When she reached the shop she pushed through the door and, keeping her back to the wall, edged a few steps to the left, and looked around. The place had been a flower shop, the place where Daisy had gotten her name when she’d eagerly reached out with her muzzle to reach for a pot of her namesake flowers. A pipe had burst a few weeks ago, completely apart from demonic activity or kryptonian fights, and the owner had closed the place for repairs that, with the chaos of the past few weeks, had not yet been completed.
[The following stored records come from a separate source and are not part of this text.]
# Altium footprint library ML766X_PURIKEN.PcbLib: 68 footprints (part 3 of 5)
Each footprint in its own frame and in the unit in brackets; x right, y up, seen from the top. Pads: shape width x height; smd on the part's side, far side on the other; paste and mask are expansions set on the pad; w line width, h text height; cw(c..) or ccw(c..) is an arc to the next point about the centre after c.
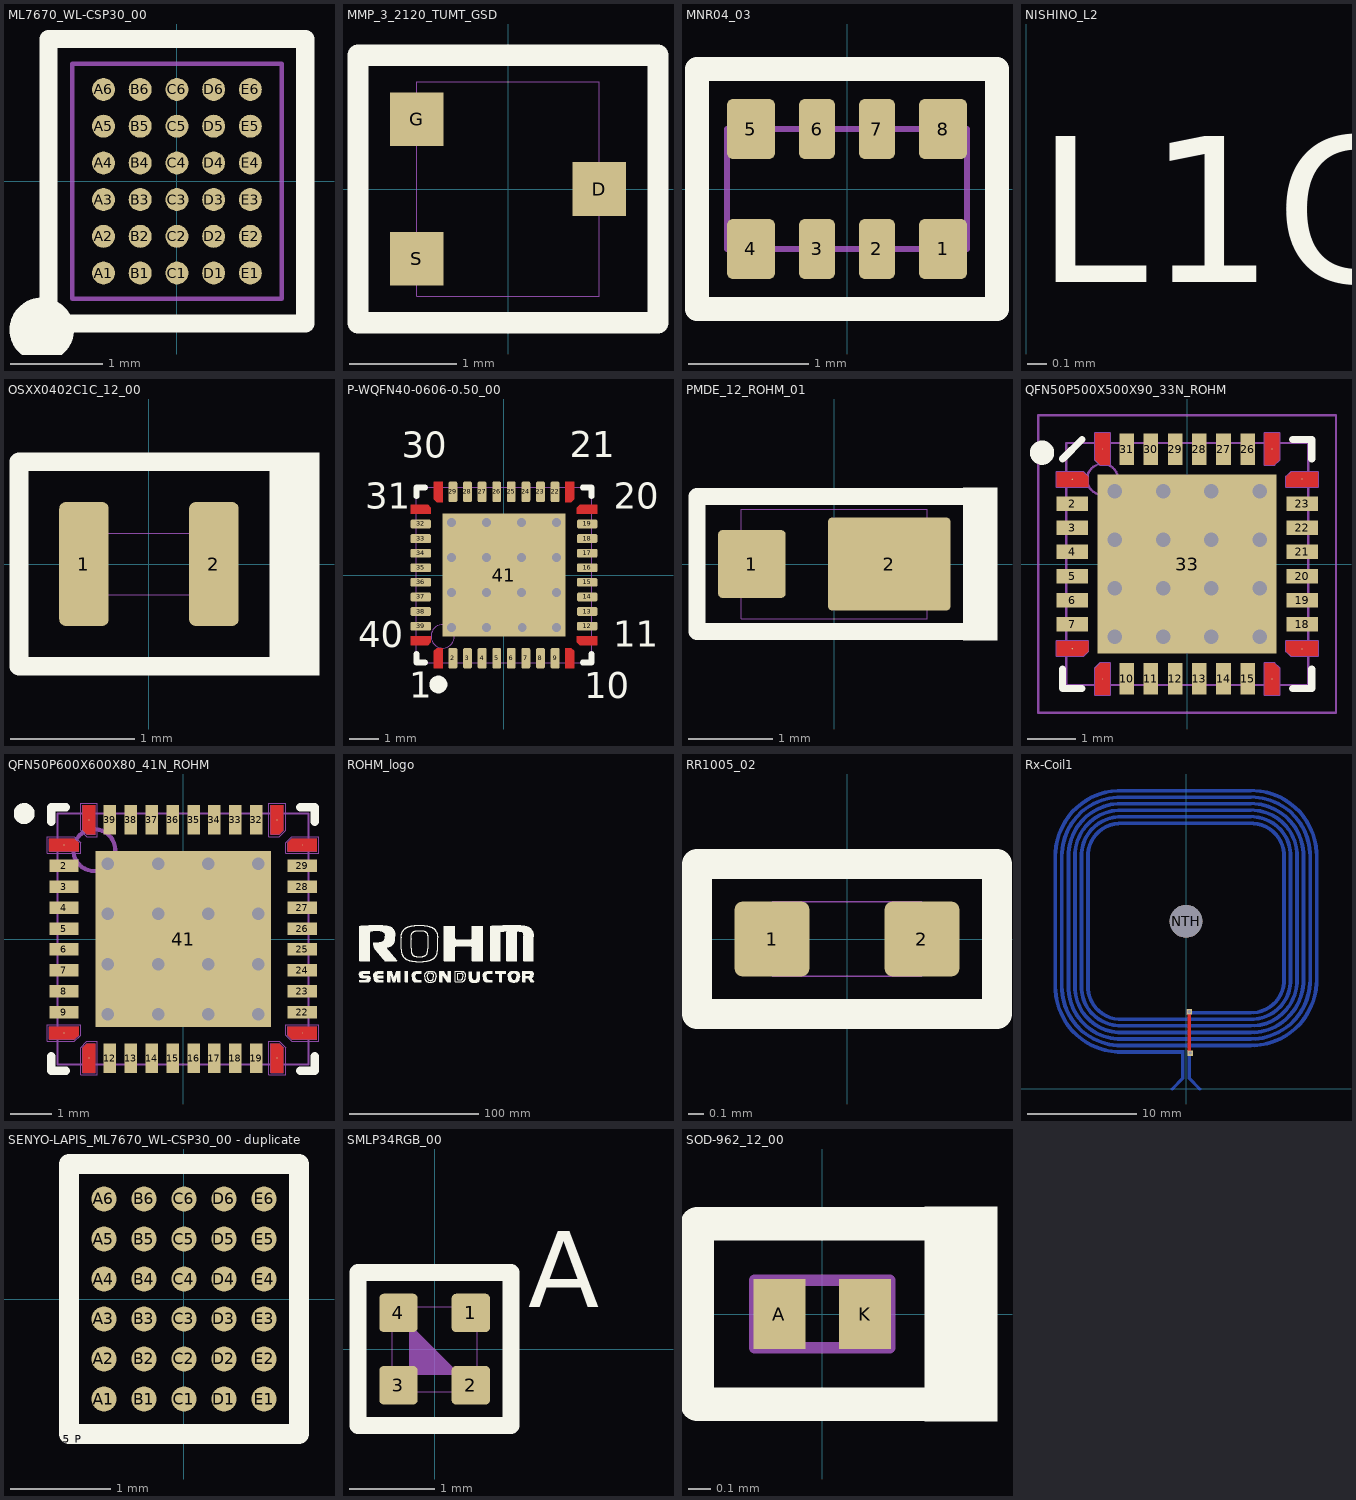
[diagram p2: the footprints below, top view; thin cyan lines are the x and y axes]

## ML7670_WL-CSP30_00 [mm]
height 0.48
pads (30):
  round 0.25 smd paste-2539.97 mask+0.013: A1(-0.8,-1) A2(-0.8,-0.6) A3(-0.8,-0.2) A4(-0.8,0.2) A5(-0.8,0.6) A6(-0.8,1) B1(-0.4,-1) B2(-0.4,-0.6) B3(-0.4,-0.2) B4(-0.4,0.2) B5(-0.4,0.6) B6(-0.4,1) C1(0,-1) C2(0,-0.6) C3(0,-0.2) C4(0,0.2) C5(0,0.6) C6(0,1) D1(0.4,-1) D2(0.4,-0.6) D3(0.4,-0.2) D4(0.4,0.2) D5(0.4,0.6) D6(0.4,1) E1(0.8,-1) E2(0.8,-0.6) E3(0.8,-0.2) E4(0.8,0.2) E5(0.8,0.6) E6(0.8,1)
Top Overlay:
  circle w0.5: c-1.473,-1.619 r0.1
  lines w0.2: -1.4,-1.55 0.2,-1.55 1.4,-1.55 1.4,1.55 -1.4,1.55 -1.4,-1.55
Top Component Outline:
  lines w0.05: -1.14,-1.28 -1.14,1.28 1.14,1.28 1.14,-1.28 -1.14,-1.28
3D body: height 0.4, standoff 0, extent -1.14,-1.28 1.14,1.28
3D body: height 0.41, standoff 0.4, extent -0.993,-1.212 -0.593,-0.812

## MMP_3_2120_TUMT_GSD [mm] "default"
height 0.9
pads (3):
  rect 0.5x0.5 smd paste+0 mask+0.05: D(0.85,0) G(-0.85,0.65) S(-0.85,-0.65)
Top Overlay:
  lines w0.2: -1.4,-1.25 1.4,-1.25 1.4,1 1.4,1.25 -1.4,1.25 -1.4,0.3 -1.4,-1.25
Top Component Outline:
  lines w0.01: -1.05,-0.8 -0.65,-0.8 -0.65,-0.5 -1.05,-0.5 -1.05,-0.8 ; -1.05,0.5 -0.65,0.5 -0.65,0.8 -1.05,0.8 -1.05,0.5 ; -0.85,-1 0.85,-1 0.85,1 -0.85,1 -0.85,-1 ; 0.65,-0.15 0.65,0.15 1.05,0.15 1.05,-0.15 0.65,-0.15
3D body "sot-323t_TUMT3.STEP": height 0.85, standoff 0, extent -1.05,-1 1.05,1

## MNR04_03 [mm]
height 0.35
pads (8):
  rrect25% 0.4x0.5 smd paste-2539.97 mask+0.025: 1(0.8,-0.5) 4(-0.8,-0.5) 5(-0.8,0.5) 8(0.8,0.5)
  rrect33% 0.3x0.5 smd paste-2539.97 mask+0.025: 2(0.25,-0.5) 3(-0.25,-0.5) 6(-0.25,0.5) 7(0.25,0.5)
Top Overlay:
  lines w0.2: -1.25,-1 0,-1 1.25,-1 1.25,1 -1.25,1 -1.25,-1
Top Component Outline:
  lines w0.05: -1,-0.5 -1,0.5 1,0.5 1,-0.5 -1,-0.5
3D body "MNR04.step": height 0.35, standoff 0, extent -1,-0.5 1,0.5

## NISHINO_L2 [mm]
Top Layer:
  text "L1PT" at 0,-1.15 h1.52
Bottom Layer:
  text "L2PT" at 2.831,-1.2 h1.52
Top Overlay:
  text "L1CM" at 0.05,-4.417 h1.52
Bottom Overlay:
  text "L2CM" at 3.433,-4.367 h1.52
MASK:
  text "L1METAL" at 0.1,-6 h1.52
MASK_B:
  text "L2METAL" at 5.815,-6.05 h1.52
Top Solder:
  text "L1SR" at 0.05,-2.867 h1.52
Bottom Solder:
  text "L2SR" at 3.04,-2.867 h1.52

## OSXX0402C1C_12_00 [mm]
height 0.4
pads (2):
  rrect25% 0.4x1 smd: 1(-0.525,0) 2(0.525,0)
Top Overlay:
  region: 0.975,0.9 1.375,0.9 1.375,-0.9 0.975,-0.9
  lines w0.15: 1.3,-0.825 -1.05,-0.825 -1.05,0.825 1.3,0.825
Top Component Outline:
  lines w0.01: -0.5,-0.25 0.5,-0.25 0.5,0.25 -0.5,0.25 -0.5,-0.25
3D body: height 0.4, standoff 0, extent -0.5,-0.25 0.5,0.25

## P-WQFN40-0606-0.50_00 [mm]
height 0.8
pads (57):
  round 0.005 smd: 1(-2.25,-2.85) 10(2.25,-2.85) 11(2.85,-2.25) 20(2.85,2.25) 21(2.25,2.85) 30(-2.25,2.85) 31(-2.85,2.25) 40(-2.85,-2.25)
  rrect33% 0.3x0.7 smd paste-2539.97 mask+0.025: 2(-1.75,-2.85) 3(-1.25,-2.85) 4(-0.75,-2.85) 5(-0.25,-2.85) 6(0.25,-2.85) 7(0.75,-2.85) 8(1.25,-2.85) 9(1.75,-2.85) 22(1.75,2.85) 23(1.25,2.85) 24(0.75,2.85) 25(0.25,2.85) 26(-0.25,2.85) 27(-0.75,2.85) 28(-1.25,2.85) 29(-1.75,2.85)
  rrect33% 0.7x0.3 smd paste-2539.97 mask+0.025: 12(2.85,-1.75) 13(2.85,-1.25) 14(2.85,-0.75) 15(2.85,-0.25) 16(2.85,0.25) 17(2.85,0.75) 18(2.85,1.25) 19(2.85,1.75) 32(-2.85,1.75) 33(-2.85,1.25) 34(-2.85,0.75) 35(-2.85,0.25) 36(-2.85,-0.25) 37(-2.85,-0.75) 38(-2.85,-1.25) 39(-2.85,-1.75)
  rect 4.2x4.2 smd mask+0.051: 41(0,0)
  round 0.6 / inner round 1.524 / far side round 0.6 hole 0.3 mask-0.051: VIA0.3_0.6_0.6_00(-1.8,-1.8) VIA0.3_0.6_0.6_00(-1.8,-0.6) VIA0.3_0.6_0.6_00(-1.8,0.6) VIA0.3_0.6_0.6_00(-1.8,1.8) VIA0.3_0.6_0.6_00(-0.6,-1.8) VIA0.3_0.6_0.6_00(-0.6,-0.6) VIA0.3_0.6_0.6_00(-0.6,0.6) VIA0.3_0.6_0.6_00(-0.6,1.8) VIA0.3_0.6_0.6_00(0.6,-0.6) VIA0.3_0.6_0.6_00(0.6,0.6) VIA0.3_0.6_0.6_00(0.6,1.8) VIA0.3_0.6_0.6_00(0.625,-1.8) VIA0.3_0.6_0.6_00(1.8,-1.8) VIA0.3_0.6_0.6_00(1.8,-0.6) VIA0.3_0.6_0.6_00(1.8,0.6) VIA0.3_0.6_0.6_00(1.8,1.8)
Top Layer:
  region: -2.5,-2.1 -2.5,-2.3 -2.6,-2.4 -3.2,-2.4 -3.2,-2.1
  region: -2.5,2.3 -2.5,2.1 -3.2,2.1 -3.2,2.4 -2.6,2.4
  region: -2.1,2.5 -2.3,2.5 -2.4,2.6 -2.4,3.2 -2.1,3.2
  region: 2.3,2.5 2.1,2.5 2.1,3.2 2.4,3.2 2.4,2.6
  region: 2.5,2.1 2.5,2.3 2.6,2.4 3.2,2.4 3.2,2.1
  region: 2.5,-2.3 2.5,-2.1 3.2,-2.1 3.2,-2.4 2.6,-2.4
  region: 2.1,-2.5 2.3,-2.5 2.4,-2.6 2.4,-3.2 2.1,-3.2
  region: -2.3,-2.5 -2.1,-2.5 -2.1,-3.2 -2.4,-3.2 -2.4,-2.6
Top Overlay:
  region: -1.95,-3.75 -1.95,-3.69 -1.996,-3.58 -2.08,-3.496 -2.19,-3.45 -2.31,-3.45 -2.42,-3.496 -2.504,-3.58 -2.55,-3.69 -2.55,-3.81 -2.504,-3.92 -2.42,-4.004 -2.31,-4.05 -2.25,-4.05 -2.19,-4.05 -2.08,-4.004 -1.996,-3.92 -1.95,-3.81 -1.95,-3.69 -1.996,-3.58 -2.08,-3.496 -2.19,-3.45 -2.31,-3.45 -2.42,-3.496 -2.504,-3.58 -2.55,-3.69 -2.55,-3.75 -2.55,-3.81 -2.504,-3.92 -2.42,-4.004 -2.31,-4.05 -2.19,-4.05 -2.08,-4.004 -1.996,-3.92 -1.95,-3.81 -1.95,-3.69 -1.996,-3.58 -2.08,-3.496 -2.19,-3.45 -2.25,-3.45 -2.31,-3.45 -2.42,-3.496 -2.504,-3.58 -2.55,-3.69 -2.55,-3.81 -2.504,-3.92 -2.42,-4.004 -2.31,-4.05 -2.19,-4.05 -2.08,-4.004 -1.996,-3.92 -1.95,-3.81
  lines w0.2: -3,-2.7 -3,-3 -2.7,-3 ; -3,2.7 -3,3 -2.7,3 ; 2.7,-3 3,-3 3,-2.7 ; 2.7,3 3,3 3,2.7
  text "40" at -5,-2.767 h1.52
  text "1" at -3.25,-4.5 h1.52
  text "10" at 2.75,-4.517 h1.52
  text "11" at 3.75,-2.75 h1.52
  text "20" at 3.751,1.983 h1.52
  text "21" at 2.251,3.75 h1.52
  text "30" at -3.5,3.733 h1.52
  text "31" at -4.75,1.983 h1.52
MASK:
  dashed: -2.5,-2.1 -2.5,-2.3 -2.6,-2.4 -3.2,-2.4 -3.2,-2.1
  dashed: -2.5,2.3 -2.5,2.1 -3.2,2.1 -3.2,2.4 -2.6,2.4
  dashed: -2.1,2.5 -2.3,2.5 -2.4,2.6 -2.4,3.2 -2.1,3.2
  dashed: 2.3,2.5 2.1,2.5 2.1,3.2 2.4,3.2 2.4,2.6
  dashed: 2.5,2.1 2.5,2.3 2.6,2.4 3.2,2.4 3.2,2.1
  dashed: 2.5,-2.3 2.5,-2.1 3.2,-2.1 3.2,-2.4 2.6,-2.4
  dashed: 2.1,-2.5 2.3,-2.5 2.4,-2.6 2.4,-3.2 2.1,-3.2
  dashed: -2.3,-2.5 -2.1,-2.5 -2.1,-3.2 -2.4,-3.2 -2.4,-2.6
  region: -2.1,-2.1 -2.1,-0.15 -0.15,-0.15 -0.15,-2.1
  region: -2.1,0.15 -2.1,2.1 -0.15,2.1 -0.15,0.15
  region: 0.15,-2.1 0.15,-0.15 2.1,-0.15 2.1,-2.1
  region: 0.15,0.15 0.15,2.1 2.1,2.1 2.1,0.15
Top Solder:
  dashed: -3.25,-2.05 -2.45,-2.05 -2.45,-2.321 -2.579,-2.45 -3.25,-2.45
  dashed: -3.25,2.45 -2.579,2.45 -2.45,2.321 -2.45,2.05 -3.25,2.05
  dashed: -2.05,3.25 -2.05,2.45 -2.321,2.45 -2.45,2.579 -2.45,3.25
  dashed: 2.45,3.25 2.45,2.579 2.321,2.45 2.05,2.45 2.05,3.25
  dashed: 3.25,2.05 2.45,2.05 2.45,2.321 2.579,2.45 3.25,2.45
  dashed: 3.25,-2.45 2.579,-2.45 2.45,-2.321 2.45,-2.05 3.25,-2.05
  dashed: 2.05,-3.25 2.05,-2.45 2.321,-2.45 2.45,-2.579 2.45,-3.25
  dashed: -2.45,-3.25 -2.45,-2.579 -2.321,-2.45 -2.05,-2.45 -2.05,-3.25
Top Component Outline:
  circle w0.01: c-2.1,-2.1 r0.4
  lines w0.01: -3,-3 3,-3 3,3 -3,3 -3,-3
3D body: height 0.8, standoff 0, extent -3,-3 3,3

## PCBComponent_1 [mm]

## PMDE_12_ROHM_01 [mm]
height 0.95
pads (2):
  rrect12% 0.8x0.8 smd: 1(-0.975,0)
  rrect9% 1.45x1.1 smd: 2(0.65,0)
Top Overlay:
  region: 1.525,0.9 1.925,0.9 1.925,-0.9 1.525,-0.9
  lines w0.2: 1.625,-0.8 -1.625,-0.8 -1.625,0.8 1.625,0.8
Top Component Outline:
  lines w0.01: -1.1,-0.65 1.1,-0.65 1.1,0.65 -1.1,0.65 -1.1,-0.65
3D body: height 0.95, standoff 0, extent -1.1,-0.65 1.1,0.65

## QFN50P500X500X90_33N_ROHM [mm] "QFN, 32-Leads, Body 5.00x5.00mm, Pitch 0.50mm, Thermal Pad 3.90x3.90mm"
height 0.9
pads (33):
  round 0.025 smd mask+0.05: 1(-2.375,1.75) 8(-2.375,-1.75) 9(-1.75,-2.375) 16(1.75,-2.375) 17(2.375,-1.75) 24(2.375,1.75) 25(1.75,2.375) 32(-1.75,2.375)
  rect 0.65x0.3 smd mask+0.05: 2(-2.375,1.25) 3(-2.375,0.75) 4(-2.375,0.25) 5(-2.375,-0.25) 6(-2.375,-0.75) 7(-2.375,-1.25) 18(2.375,-1.25) 19(2.375,-0.75) 20(2.375,-0.25) 21(2.375,0.25) 22(2.375,0.75) 23(2.375,1.25)
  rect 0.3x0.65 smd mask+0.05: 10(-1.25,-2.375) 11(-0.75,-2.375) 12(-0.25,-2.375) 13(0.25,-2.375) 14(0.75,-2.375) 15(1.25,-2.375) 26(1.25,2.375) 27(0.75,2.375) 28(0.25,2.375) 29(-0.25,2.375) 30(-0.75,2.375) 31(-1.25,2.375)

Now, in the gloom of the time just before dawn, the entire place was dim and dank and smelled vaguely of the mold that was eating at the wood floors.
“Well,” Allana said into the silence, not sure if he was there yet, whoever “he” was, “if you’re here then come forward. I’d like to get this over with.” Her voice was carefully, calmly controlled. Not so different, though she couldn’t have known it, than the voice of her alternate self who had so recently returned to Hapes.